- Animals: Bear
- Gender: Male

Equivalents
- Aztec: Ometeotl

= Eototo =

Hopi deity

Eototo is a Wuya, one of the major kachina deities of the Hopi people and the personification of nature. He is the protagonist of the Powamu ritual.

He is a chief and "father" of the katsinas, second only to Angwusnasomtaka. He is similar in many ways to Aztec god Ometeotl, and is considered the bringer of nature gifts. Eototo is said to come from the red land of the south. Every year, he travels north to bring back clouds and rain.

Eototo belongs to the Bear clan and plays an important roles in the Powamu and Niman ceremonies on First Mesa, as reported by Jesse Fewkes, and the Powamu on Third Mesa, as documented by H.R. Voth in his "The Oraibi Powamu Ceremony."
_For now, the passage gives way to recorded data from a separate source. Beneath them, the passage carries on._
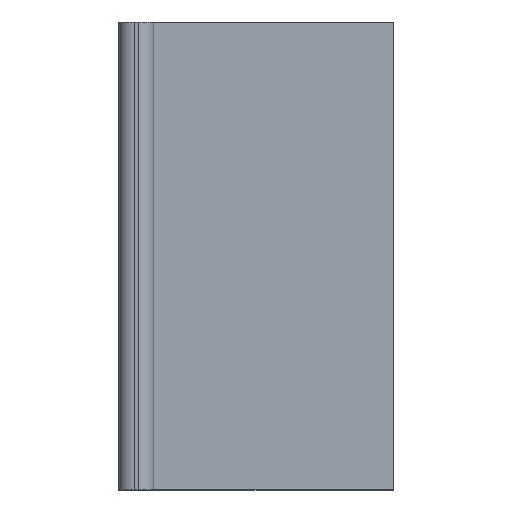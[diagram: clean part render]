
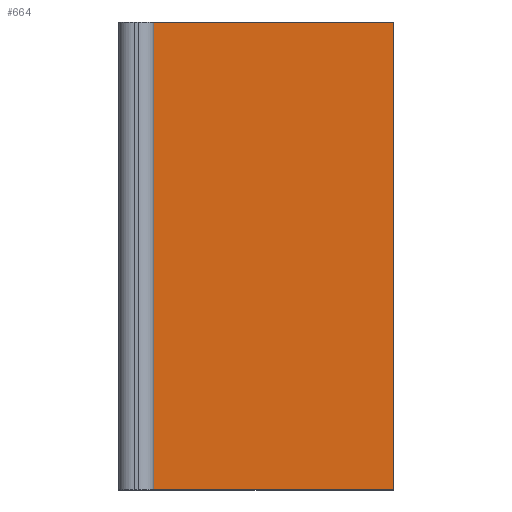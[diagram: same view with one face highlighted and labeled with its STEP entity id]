
A CAD part, top view. The second image highlights one B-rep face of the part: STEP entity #664.
In plain terms, the highlighted planar face has unit normal (0, 0, 1).
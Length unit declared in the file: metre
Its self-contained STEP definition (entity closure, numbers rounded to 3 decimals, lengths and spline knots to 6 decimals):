
#145=ORIENTED_EDGE('',*,*,#318,.T.);
#146=ORIENTED_EDGE('',*,*,#311,.T.);
#147=ORIENTED_EDGE('',*,*,#322,.T.);
#148=ORIENTED_EDGE('',*,*,#303,.F.);
#303=EDGE_CURVE('',#394,#395,#450,.T.);
#311=EDGE_CURVE('',#400,#402,#457,.T.);
#318=EDGE_CURVE('',#394,#400,#460,.T.);
#322=EDGE_CURVE('',#402,#395,#463,.T.);
#394=VERTEX_POINT('',#1066);
#395=VERTEX_POINT('',#1068);
#400=VERTEX_POINT('',#1079);
#402=VERTEX_POINT('',#1083);
#450=LINE('',#1067,#516);
#457=LINE('',#1084,#523);
#460=LINE('',#1097,#526);
#463=LINE('',#1104,#529);
#516=VECTOR('',#848,1.);
#523=VECTOR('',#859,1.);
#526=VECTOR('',#872,1.);
#529=VECTOR('',#879,1.);
#566=EDGE_LOOP('',(#145,#146,#147,#148));
#608=FACE_BOUND('',#566,.T.);
#643=PLANE('',#738);
#664=ADVANCED_FACE('',(#608),#643,.T.);
#738=AXIS2_PLACEMENT_3D('',#1112,#887,#888);
#848=DIRECTION('',(0.,-1.,0.));
#859=DIRECTION('',(0.,-1.,0.));
#872=DIRECTION('',(-1.,0.,0.));
#879=DIRECTION('',(1.,0.,0.));
#887=DIRECTION('',(0.,0.,1.));
#888=DIRECTION('',(1.,0.,0.));
#1066=CARTESIAN_POINT('',(-0.006,0.,0.006));
#1067=CARTESIAN_POINT('',(-0.006,-0.03,0.006));
#1068=CARTESIAN_POINT('',(-0.006,-0.06,0.006));
#1079=CARTESIAN_POINT('',(-0.03825,0.,0.006));
#1083=CARTESIAN_POINT('',(-0.03825,-0.06,0.006));
#1084=CARTESIAN_POINT('',(-0.03825,-0.03,0.006));
#1097=CARTESIAN_POINT('',(-0.03975,0.,0.006));
#1104=CARTESIAN_POINT('',(-0.03975,-0.06,0.006));
#1112=CARTESIAN_POINT('',(0.004375,0.,0.006));
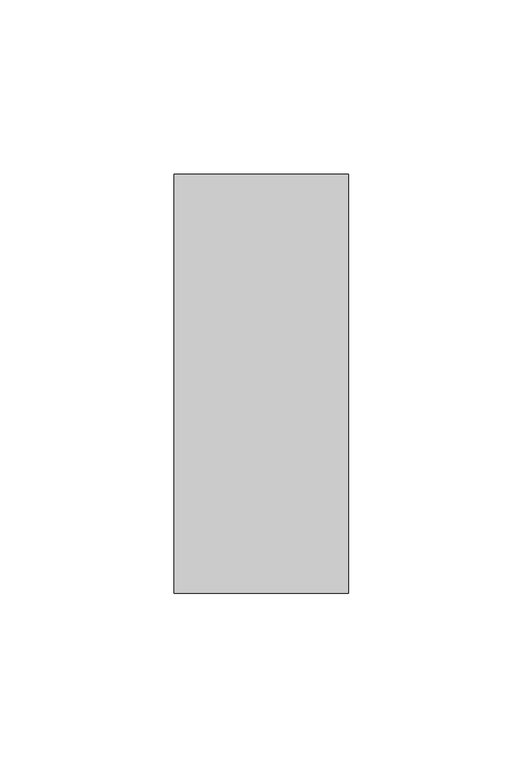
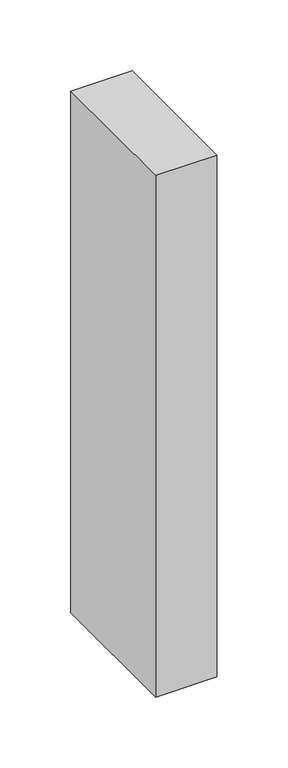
"""IFC4 building model written with IfcOpenShell, lengths in millimetres: member geometry, Прямоугольный импост : 50х120 мм."""

from ifc_helpers import new_model, si_unit, frame, origin, place, context, project, spatial, polyline, outline, extrude, source, transform, mapped, element, save


def member_e695081a(model_context):
    return source(origin(), model_context, "Body", "SweptSolid", [
        extrude(outline(polyline([(25.0, 60.0), (25.0, -60.0), (-25.0, -60.0), (-25.0, 60.0), (25.0, 60.0)])), frame((0.0, 0.0, -450.0), z_axis=(0.0, 0.0, 1.0), x_axis=(1.0, 0.0, 0.0)), (0.0, 0.0, 1.0), 450.0),
    ])


if __name__ == "__main__":
    model = new_model("IFC4")
    model_context = context("Model", 3, world=origin())
    ifc_project = project(units=[si_unit("LENGTHUNIT", "METRE", prefix="MILLI")], contexts=[model_context])
    site = spatial("IfcSite", under=ifc_project)
    building = spatial("IfcBuilding", under=site)
    placement = place(None, origin())
    member_shape = member_e695081a(model_context)
    element("IfcMember", 1, ObjectType="Прямоугольный импост : 50х120 мм", at=placement, inside=building, context=model_context, shape_type="MappedRepresentation", body=[
        mapped(member_shape, transform((0.0, 0.0, 0.0), x_axis=(1.0, 0.0, 0.0), y_axis=(0.0, 1.0, 0.0), z_axis=(0.0, 0.0, 1.0))),
    ])
    save(model, "model.ifc")
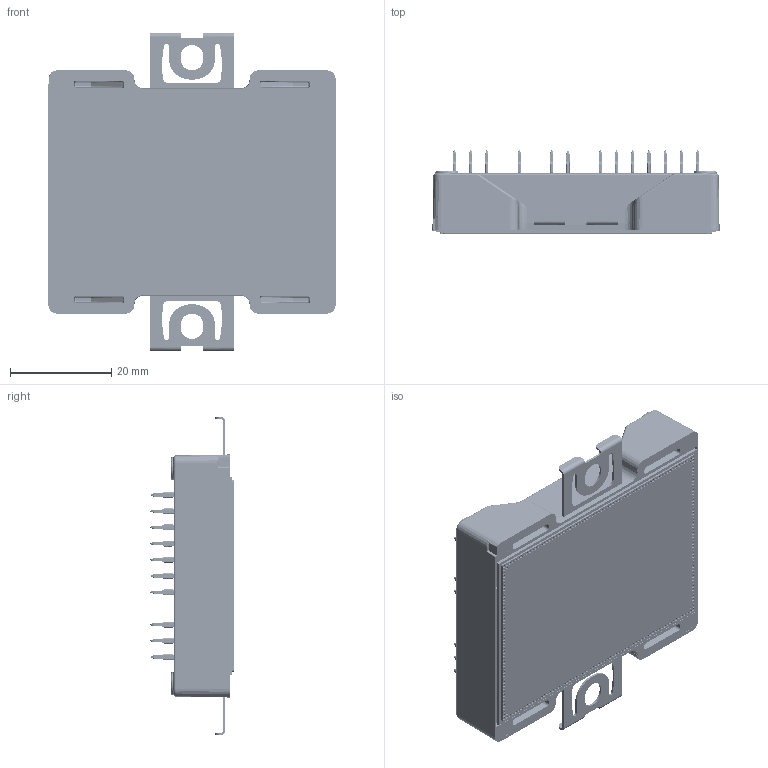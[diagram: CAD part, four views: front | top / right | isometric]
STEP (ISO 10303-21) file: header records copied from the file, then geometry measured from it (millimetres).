
FILE_DESCRIPTION (( 'STEP AP214' ), '1' );
FILE_NAME ('CAB008M12GM3T (2026-06-05).STEP', '2026-06-06T00:29:28', ( '' ), ( '' ), 'SwSTEP 2.0', 'SolidWorks 2025', '' );
FILE_SCHEMA (( 'AUTOMOTIVE_DESIGN' ));
Length unit declared in the file: millimetre
Products named in the file (1): CAB008M12GM3T (2026-06-05)
Bounding box: 56.7 x 16.4 x 62.8 mm (x, y, z)
Volume: 23625.9 mm3; surface area: 18039.8 mm2
Topology: 37 solids, 39 shells, 5555 faces, 13712 edges, 8558 vertices
Faces by surface type: cylinder 1805, plane 1554, bspline 1132, cone 1064
Entity records: 188467 total; most frequent: CARTESIAN_POINT 65336, ORIENTED_EDGE 27424, DIRECTION 23485, EDGE_CURVE 13712, AXIS2_PLACEMENT_3D 9014, VERTEX_POINT 8558, EDGE_LOOP 6218, FACE_OUTER_BOUND 5555

Eototo and Aholi appear together in major rituals on Third Mesa, while Eototo appears independently on First Mesa. Both Kachinam are wuyu or mongkatsinam (chief kachinam). A Hopi legend tells of the close relationship between the two Katsinam. While traveling together they encountered their enemy. Against an overwhelming force, Aholi stayed behind to fight, allowing Eototo to escape. Later in the era of migrations they were reunited. Well aware of Aholi’s loyalty and courage in the face of death, Eototo holds Aholi as his closest friend and ally.

The mask that represents Eototo is a sort of white cylinder with a nest of hair on his head. When calling upon clouds to provide rain for crops, Eototo draws cloud symbols in cornmeal on the ground.